● **PROBLEM**
All lines of the records below that contain the word "GBCBIG" must be listed.

● **TASK DATA**
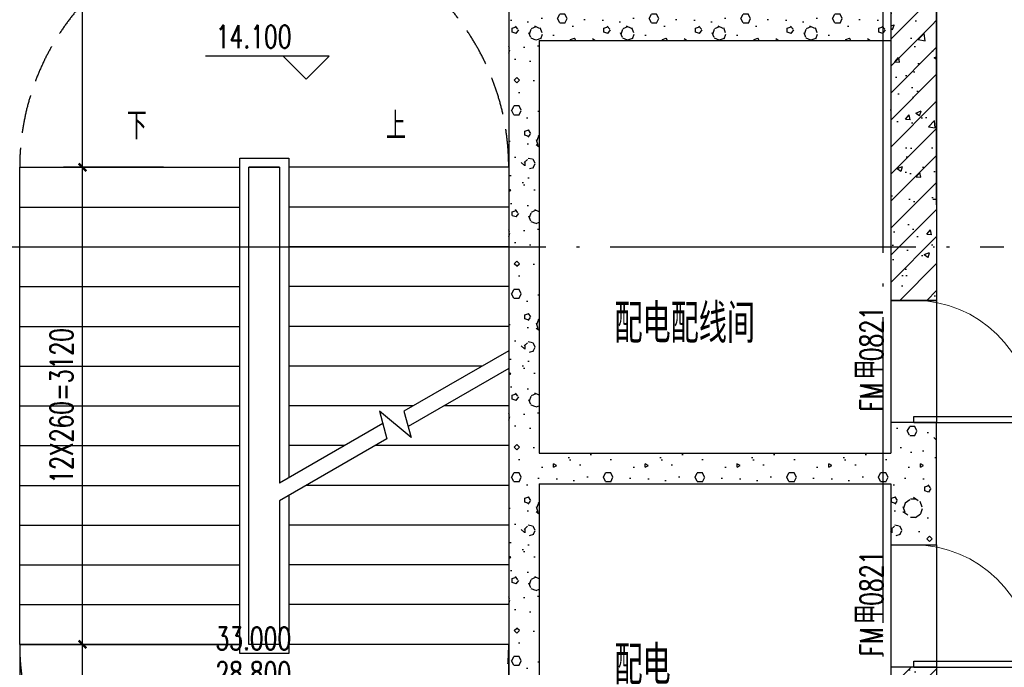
# Model space of a CAD drawing. Extents: x 797781 to 1255204, y 21234 to 1024248.
# Tile 870 of 1056: x 1166993 to 1173436, y 593530 to 597766. Entities that reach past the tile are written whole.
import ezdxf

# ---------------------------------------------------------------- set-up
doc = ezdxf.new("R2010")
doc.units = 0
doc.header["$LTSCALE"] = 1000
doc.header["$MEASUREMENT"] = 0
doc.linetypes.add('230303生产综合楼-平面图_t8$0$DASH', pattern=[0.35, 0.25, -0.1])
doc.linetypes.add('230303生产综合楼-平面图_t8$0$DOTE', pattern=[2.42, 2, -0.2, 0.02, -0.2])
for name, color, linetype in [('230303生产综合楼-平面图_t8$0$AXIS', 3, 'Continuous'), ('230303生产综合楼-平面图_t8$0$DIM_ELEV', 3, 'Continuous'), ('230303生产综合楼-平面图_t8$0$DIM_SYMB', 3, 'Continuous'), ('230303生产综合楼-平面图_t8$0$DOOR_FIRE_TEXT', 7, 'Continuous'), ('230303生产综合楼-平面图_t8$0$DOTE', 1, '230303生产综合楼-平面图_t8$0$DOTE'), ('230303生产综合楼-平面图_t8$0$PUB_HATCH', 8, 'Continuous'), ('230303生产综合楼-平面图_t8$0$PUB_TEXT', 7, 'Continuous'), ('230303生产综合楼-平面图_t8$0$STAIR', 2, 'Continuous'), ('230303生产综合楼-平面图_t8$0$WALL', 40, 'Continuous'), ('230303生产综合楼-平面图_t8$0$轮廓', 2, 'Continuous'), ('DOOR_FIRE', 4, 'Continuous')]:
    doc.layers.add(name, color=color, linetype=linetype)
doc.styles.add('230303生产综合楼-平面图_t8$0$_TCH_DIM', font='SIMPLEX', dxfattribs={"bigfont": 'GBCBIG'})
doc.styles.add('230303生产综合楼-平面图_T8$0$_TCH_DIM_T3', font='SIMPLEX', dxfattribs={"width": 0.705882, "bigfont": 'GBCBIG'})
doc.styles.add('230303生产综合楼-平面图_t8$0$_TCH_WINDOW', font='SIMPLEX', dxfattribs={"height": 3.5, "bigfont": 'GBCBIG'})
doc.dimstyles.new('230303生产综合楼-平面图_T8$0$_TCH_ARCH&&50', dxfattribs={"dimtxt": 148.75, "dimasz": 50, "dimexe": 125, "dimexo": 150, "dimgap": 63.125, "dimtad": 1, "dimdec": 0, "dimzin": 0, "dimdsep": 46, "dimtxsty": '230303生产综合楼-平面图_T8$0$_TCH_DIM_T3', "dimblk": '230303生产综合楼-平面图_t8$0$_ArchTick', "dimcen": 0.09, "dimclrt": 7, "dimazin": 2, "dimtfac": 1, "dimtdec": 0, "dimtix": 1, "dimtmove": 2, "dimatfit": 3, "dimfxl": 1, "dimtolj": 1, "dimtzin": 0, "dimarcsym": 0})
pattern_1 = [(0, (177, -183), (300, 600), [0, -600]), (0, (-174, -264), (300, 600), [0, -600]), (0, (21, -270), (300, 600), [0, -600]), (0, (234, -93), (300, 600), [0, -600]), (0, (-15, -300), (300, 600), [0, -600]), (0, (294, 285), (300, 600), [0, -600]), (0, (111, 237), (300, 600), [0, -600]), (0, (207, 162), (300, 600), [0, -600]), (0, (-282, 150), (300, 600), [0, -600]), (0, (12, 123), (300, 600), [0, -600]), (0, (-102, -30), (300, 600), [0, -600]), (0, (-96, -255), (300, 600), [0, -600]), (0, (129, -279), (300, 600), [0, -600]), (0, (294, -15), (300, 600), [0, -600]), (0, (-267, -108), (300, 600), [0, -600]), (0, (-216, -6), (300, 600), [0, -600]), (0, (18, -48), (300, 600), [0, -600]), (0, (-66, -135), (300, 600), [0, -600]), (0, (-114, 63), (300, 600), [0, -600]), (0, (-39, 288), (300, 600), [0, -600]), (0, (-243, -234), (300, 600), [0, -600]), (0, (87, 165), (300, 600), [0, -600]), (0, (-192, 174), (300, 600), [0, -600]), (0, (-240, 252), (300, 600), [0, -600]), (130.601294, (257.143, 97.143), (-1499.9999834, 1800.0000079), [26.34155, -11037.111]), (18.434949, (214.29, 108.57), (1499.9999945, 599.9999956), [27.10524, -3767.6279]), (90, (214.3, 82.86), (300, 600), [25.71428, -1174.28565]), (161.565051, (240, 74.29), (-1500.0000076, 599.999955), [27.10524, -3767.6279]), (53.130102, (240, 74.29), (300.000001, 600), [28.57143, -2971.4285]), (135, (262.86, -231.43), (-300.000036, 599.99996), [24.24366, -1672.8126]), (45, (228.57, -231.43), (299.999998, 599.999998), [24.24366, -1672.8126]), (135, (245.71, -248.57), (-300.000036, 599.99996), [24.24366, -1672.8126]), (45, (245.71, -248.57), (299.999998, 599.999998), [24.24366, -1672.8126]), (116.56505, (-25.7, 171.43), (-5e-05, 1199.99997), [31.94383, -638.8765]), (180, (-40, 200), (-300, 600), [34.28572, -565.71425]), (63.43495, (-88.57, 171.43), (3e-06, 1200), [31.94383, -638.8765]), (116.56505, (-74.3, 142.86), (-5e-05, 1199.99997), [31.94383, -638.8765]), (0, (-74.3, 142.86), (300, 600), [34.28572, -565.71425]), (63.43495, (-40, 142.86), (3e-06, 1200), [31.94383, -638.8765]), (107.102728, (200, -31.429), (-899.9999656, 3000.00000484), [38.86135, -16282.9025]), (143.972626, (188.57, 5.714), (-5699.9999277, 4199.9999952), [38.86135, -8122.02]), (180, (157.14, 28.6), (-300, 600), [37.14286, -562.8571]), (36.0273733, (88.57, 5.714), (5699.9999579, 4199.9999547), [38.86135, -8122.02]), (71.565051, (77.14, -28.57), (900.0000046, 2999.999995), [36.14032, -3758.5928]), (107.102728, (88.571, -65.714), (-899.9999656, 3000.00000484), [38.86135, -16282.9025]), (143.972626, (120, -88.57), (-5699.9999277, 4199.9999952), [38.86135, -8122.02]), (0, (120, -88.6), (300, 600), [37.14286, -562.8571]), (36.0273733, (157.143, -88.57), (5699.9999579, 4199.9999547), [38.86135, -8122.02]), (71.565051, (188.57, -65.71), (900.0000046, 2999.999995), [36.14032, -3758.5928]), (150.255118, (205.714, 248.57), (-900.000002, 599.9999926), [23.03502, -4814.3196]), (90, (185.7, 237.14), (300, 600), [22.85714, -1177.14275]), (29.744881, (185.714, 237.14), (900.0000005, 599.999997), [23.03502, -4814.3196]), (116.56505, (65.7, -177.14), (-5e-05, 1199.99997), [31.94383, -638.8765]), (168.690067, (51.43, -148.57), (-2700.000002, 599.999985), [29.13725, -6089.6855]), (41.185925, (0, -162.857), (7499.99995456, 6599.9999423), [30.37184, -12725.802]), (90, (0, -191.43), (300, 600), [28.57143, -1171.4285]), (138.814074, (22.857, -211.429), (-7499.9998667, 6600.00004204), [30.37184, -12725.802]), (16.6992442, (22.857, -211.429), (9899.9999255, 2999.9999686), [29.82945, -12498.5375]), (60.945396, (51.43, -202.857), (299.9999992, 599.9999947), [29.41609, -12325.3395]), (109.983106, (-185.714, 74.286), (-1500.00000565, 4199.9999889), [33.442, -14012.1975]), (155.556045, (-197.143, 105.714), (-3900.00001487, 1799.9999626), [34.52299, -14465.1315]), (24.4439547, (-260, 105.714), (3900.00000195, 1799.99999134), [34.52299, -14465.1315]), (70.0168934, (-271.429, 74.286), (1500.0000045, 4199.9999896), [33.442, -14012.1975]), (109.983106, (-260, 42.857), (-1500.00000565, 4199.9999889), [33.442, -14012.1975]), (160.016893, (-228.57, 31.43), (-1500.0000009, 599.9999727), [33.442, -6989.3775]), (19.9831065, (-228.57, 31.43), (1499.9999918, 599.999999), [33.442, -6989.3775]), (70.0168934, (-197.143, 42.857), (1500.0000045, 4199.9999896), [33.442, -14012.1975]), (122.005383, (37.14, 20), (-300.0000403, 599.9999694), [26.95423, -5633.434]), (18.434949, (-2.86, 34.29), (1499.9999945, 599.9999956), [27.10524, -3767.6279]), (90, (-2.86, 8.57), (300, 600), [25.71428, -1174.28565]), (161.565051, (22.86, 0), (-1500.0000076, 599.999955), [27.10524, -3767.6279]), (54.4623222, (22.857, 0), (2099.999997, 2999.9999955), [24.57807, -10298.2115]), (116.56505, (-137.14, -125.7), (-5e-05, 1199.99997), [31.94383, -638.8765]), (180, (-151.4, -97.14), (-300, 600), [31.42857, -568.5714]), (59.0362434, (-200, -125.714), (300.000001, 599.999997), [33.31973, -6963.822]), (120.963756, (-182.857, -154.286), (-300.000041, 599.9999724), [33.31973, -6963.822]), (0, (-182.86, -154.3), (300, 600), [31.42857, -568.5714]), (63.43495, (-151.43, -154.3), (3e-06, 1200), [31.94383, -638.8765])]
pattern_2 = [(45, (0, 0), (-88.388348, 88.388348), []), (50, (0, 0), (358.63009, -31.37607), [37.5, -412.5]), (355, (0, 0), (-69.37567, 376.09607), [30, -330]), (100.4514, (29.9, -2.6), (289.25469, 344.71977), [31.8701, -350.57106]), (46.1842, (0, 100), (533.62052, -82.7595), [56.25, -618.75]), (96.6356, (44.47, 93.1), (467.33135, 487.05894), [47.80514, -525.8565]), (351.1842, (0, 100), (467.33097, 487.0593), [45, -495]), (21, (50, 75), (298.453526, -201.309445), [37.5, -412.5]), (326, (50, 75), (121.65767, 362.57502), [30, -330]), (71.4514, (74.87, 58.22), (420.11131, 161.26525), [31.8701, -350.57106]), (37.5, (0, 0), (6.079928, 166.446927), [0, -326, 0, -335, 0, -331.25]), (7.5, (0, 0), (131.534769, 197.205856), [0, -191, 0, -318.5, 0, -126.25]), (327.5, (-111.5, 0), (266.911218, -11.277436), [0, -125, 0, -390, 0, -517.5]), (317.5, (-161.5, 0), (291.593085, 50.05249), [0, -162.5, 0, -259, 0, -367.5])]

# ---------------------------------------------------------------- blocks, each defined once
blk = doc.blocks.new('230303生产综合楼-平面图_t8$0$_ArchTick')
at = {"color": 0, "linetype": 'ByBlock', "const_width": 0.3}
blk.add_lwpolyline([(-0.5, -0.5), (0.5, 0.5)], dxfattribs=at)
blk = doc.blocks.new('*D3699')
at = {"layer": '230303生产综合楼-平面图_t8$0$AXIS', "color": 0, "lineweight": -2, "transparency": 16777216}
for p, q in [((1167933.8, 599730), (1167280, 599730)), ((1167405, 596800), (1167405, 599730)), ((1167933.8, 596800), (1167280, 596800))]:
    blk.add_line(p, q, dxfattribs=at)
at = {"layer": 'Defpoints', "color": 0, "transparency": 16777216}
for p in [(1167405, 599730), (1168083.8, 599730), (1168083.8, 596800)]:
    blk.add_point(p, dxfattribs=at)
at = {"layer": '230303生产综合楼-平面图_t8$0$AXIS', "color": 0, "lineweight": -2, "transparency": 16777216, "xscale": 50, "yscale": 50, "zscale": 50}
for p, rotation in [((1167405, 599730), 90), ((1167405, 596800), 270)]:
    blk.add_blockref('230303生产综合楼-平面图_t8$0$_ArchTick', p, dxfattribs=dict(at, rotation=rotation))
at = {"layer": '230303生产综合楼-平面图_t8$0$AXIS', "color": 7, "transparency": 16777216, "insert": (1167267.5, 598265), "char_height": 148.75, "attachment_point": 5, "rotation": 90, "style": '230303生产综合楼-平面图_T8$0$_TCH_DIM_T3'}
blk.add_mtext('\\A1;2930', dxfattribs=at)
blk = doc.blocks.new('*D3700')
at = {"layer": '230303生产综合楼-平面图_t8$0$AXIS', "color": 0, "lineweight": -2, "transparency": 16777216}
for p, q in [((1167933.8, 596800), (1167280, 596800)), ((1167405, 593680), (1167405, 596800)), ((1167933.8, 593680), (1167280, 593680))]:
    blk.add_line(p, q, dxfattribs=at)
at = {"layer": 'Defpoints', "color": 0, "transparency": 16777216}
for p in [(1167405, 596800), (1168083.8, 596800), (1168083.8, 593680)]:
    blk.add_point(p, dxfattribs=at)
at = {"layer": '230303生产综合楼-平面图_t8$0$AXIS', "color": 0, "lineweight": -2, "transparency": 16777216, "xscale": 50, "yscale": 50, "zscale": 50}
for p, rotation in [((1167405, 596800), 90), ((1167405, 593680), 270)]:
    blk.add_blockref('230303生产综合楼-平面图_t8$0$_ArchTick', p, dxfattribs=dict(at, rotation=rotation))
at = {"layer": '230303生产综合楼-平面图_t8$0$AXIS', "color": 7, "transparency": 16777216, "insert": (1167267.5, 595240), "char_height": 148.75, "attachment_point": 5, "rotation": 90, "style": '230303生产综合楼-平面图_T8$0$_TCH_DIM_T3'}
blk.add_mtext('\\A1;12X260=3120', dxfattribs=at)
blk = doc.blocks.new('*D3701')
at = {"layer": '230303生产综合楼-平面图_t8$0$AXIS', "color": 0, "lineweight": -2, "transparency": 16777216}
for p, q in [((1167933.8, 593680), (1167280, 593680)), ((1167405, 592030), (1167405, 593680)), ((1167933.8, 592030), (1167280, 592030))]:
    blk.add_line(p, q, dxfattribs=at)
at = {"layer": 'Defpoints', "color": 0, "transparency": 16777216}
for p in [(1167405, 593680), (1168083.8, 593680), (1168083.8, 592030)]:
    blk.add_point(p, dxfattribs=at)
at = {"layer": '230303生产综合楼-平面图_t8$0$AXIS', "color": 0, "lineweight": -2, "transparency": 16777216, "xscale": 50, "yscale": 50, "zscale": 50}
for p, rotation in [((1167405, 593680), 90), ((1167405, 592030), 270)]:
    blk.add_blockref('230303生产综合楼-平面图_t8$0$_ArchTick', p, dxfattribs=dict(at, rotation=rotation))
at = {"layer": '230303生产综合楼-平面图_t8$0$AXIS', "color": 7, "transparency": 16777216, "insert": (1167267.5, 592855), "char_height": 148.75, "attachment_point": 5, "rotation": 90, "style": '230303生产综合楼-平面图_T8$0$_TCH_DIM_T3'}
blk.add_mtext('\\A1;1650', dxfattribs=at)
blk = doc.blocks.new('$DorLib2D$00000001')
for p, q in [((0.45, 0.975), (0.5, 0.975)), ((0.45, 0), (0.45, 0.975)), ((0.5, 0), (0.5, 0.975)), ((0.5, 0), (0.45, 0))]:
    blk.add_line(p, q)
at = {"lineweight": 13}
blk.add_arc((0.475, 0), 0.975, 91.46928, 180, dxfattribs=at)

msp = doc.modelspace()

# ---------------------------------------------------------------- hatches: boundary and pattern name
at = {"layer": '230303生产综合楼-平面图_t8$0$PUB_HATCH'}
h = msp.add_hatch(dxfattribs=at)
h.set_pattern_fill('钢筋混凝土', color=256, scale=50, style=0)
h.set_pattern_definition(pattern_2)
h.paths.add_polyline_path([(1172993.4, 600830), (1172693.4, 600530), (1172693.4, 597730), (1172993.4, 597730)])
h = msp.add_hatch(dxfattribs=at)
h.set_pattern_fill('加气混凝土', color=256, scale=50, style=0)
h.set_pattern_definition(pattern_1)
h.paths.add_polyline_path([(1170393.4, 597830), (1170393.4, 598230), (1170193.4, 598230), (1170193.4, 597730), (1170326.7, 597730)])
h = msp.add_hatch(dxfattribs=at)
h.set_pattern_fill('加气混凝土', color=256, scale=50, style=0)
h.set_pattern_definition(pattern_1)
h.paths.add_polyline_path([(1170326.7, 597730), (1170393.4, 597630), (1172693.4, 597630), (1172693.4, 597830), (1170393.4, 597830)])
h = msp.add_hatch(dxfattribs=at)
h.set_pattern_fill('加气混凝土', color=256, scale=50, style=0)
h.set_pattern_definition(pattern_1)
h.paths.add_polyline_path([(1170326.7, 597730), (1170193.4, 597730), (1170193.4, 594830), (1170326.7, 594830), (1170393.4, 594930), (1170393.4, 597630)])
h = msp.add_hatch(dxfattribs=at)
h.set_pattern_fill('钢筋混凝土', color=256, scale=50, style=0)
h.set_pattern_definition(pattern_2)
h.paths.add_polyline_path([(1172993.4, 597730), (1172693.4, 597730), (1172693.4, 595930), (1172993.4, 595930)])
h = msp.add_hatch(dxfattribs=at)
h.set_pattern_fill('加气混凝土', color=256, scale=50, style=0)
h.set_pattern_definition(pattern_1)
h.paths.add_polyline_path([(1172993.4, 594830), (1172993.4, 595130), (1172693.4, 595130), (1172693.4, 594930), (1172793.4, 594830)])
h = msp.add_hatch(dxfattribs=at)
h.set_pattern_fill('加气混凝土', color=256, scale=50, style=0)
h.set_pattern_definition(pattern_1)
h.paths.add_polyline_path([(1170326.7, 594830), (1170393.4, 594730), (1172693.4, 594730), (1172793.4, 594830), (1172693.4, 594930), (1170393.4, 594930)])
h = msp.add_hatch(dxfattribs=at)
h.set_pattern_fill('加气混凝土', color=256, scale=50, style=0)
h.set_pattern_definition(pattern_1)
h.paths.add_polyline_path([(1170326.7, 594830), (1170193.4, 594830), (1170193.4, 592630), (1170393.4, 592630), (1170393.4, 594730)])
h = msp.add_hatch(dxfattribs=at)
h.set_pattern_fill('加气混凝土', color=256, scale=50, style=0)
h.set_pattern_definition(pattern_1)
h.paths.add_polyline_path([(1172693.4, 594730), (1172693.4, 594330), (1172993.4, 594330), (1172993.4, 594830), (1172793.4, 594830)])
h = msp.add_hatch(dxfattribs=at)
h.set_pattern_fill('加气混凝土', color=256, scale=50, style=0)
h.set_pattern_definition(pattern_1)
h.paths.add_polyline_path([(1172993.4, 593530), (1172993.4, 593530), (1172693.4, 593530), (1172693.4, 593530)])
h = msp.add_hatch(dxfattribs=at)
h.set_pattern_fill('钢筋混凝土', color=256, scale=50, style=0)
h.set_pattern_definition(pattern_2)
h.paths.add_polyline_path([(1172693.4, 593530), (1172693.4, 592030), (1172993.4, 591730), (1172993.4, 593530)])

# ---------------------------------------------------------------- linework, layer by layer
at = {"layer": '230303生产综合楼-平面图_t8$0$DIM_ELEV'}
for p, q in [((1169018.3, 597527.5), (1168208.3, 597527.5)), ((1168868.3, 597377.5), (1168718.3, 597527.5)), ((1168868.3, 597377.5), (1169018.3, 597527.5))]:
    msp.add_line(p, q, dxfattribs=at)
at = {"layer": '230303生产综合楼-平面图_t8$0$DIM_SYMB'}
for points in [[(1167743.4, 596930, 0, 0, 0), (1167743.4, 592855, 0, 0, 0), (1169443.4, 592855, 0, 0, 0), (1169443.4, 594830, 40, 0, 0), (1169443.4, 594980, 0, 0, 0)], [(1169443.4, 596930, 0, 0, 0), (1169443.4, 595390, 40, 0, 0), (1169443.4, 595240, 0, 0, 0)]]:
    msp.add_lwpolyline(points, format="xyseb", dxfattribs=at)
at = {"layer": '230303生产综合楼-平面图_t8$0$DOTE'}
for p, q in [((1172643.4, 591400.2), (1172643.4, 601209.8)), ((1163597, 596280), (1173432.7, 596280))]:
    msp.add_line(p, q, dxfattribs=at)
at = {"layer": '230303生产综合楼-平面图_t8$0$STAIR'}
for p, q in [((1168433.4, 596860), (1168753.4, 596860)), ((1168433.4, 593620), (1168433.4, 596860)), ((1168753.4, 596860), (1168753.4, 594769.4)), ((1166993.4, 593680), (1166993.4, 596800)), ((1166993.4, 596800), (1168433.4, 596800)), ((1168493.4, 593680), (1168493.4, 596800)), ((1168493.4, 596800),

● **TASK RESULT**
doc.styles.add('230303生产综合楼-平面图_t8$0$_TCH_DIM', font='SIMPLEX', dxfattribs={"bigfont": 'GBCBIG'})
doc.styles.add('230303生产综合楼-平面图_T8$0$_TCH_DIM_T3', font='SIMPLEX', dxfattribs={"width": 0.705882, "bigfont": 'GBCBIG'})
doc.styles.add('230303生产综合楼-平面图_t8$0$_TCH_WINDOW', font='SIMPLEX', dxfattribs={"height": 3.5, "bigfont": 'GBCBIG'})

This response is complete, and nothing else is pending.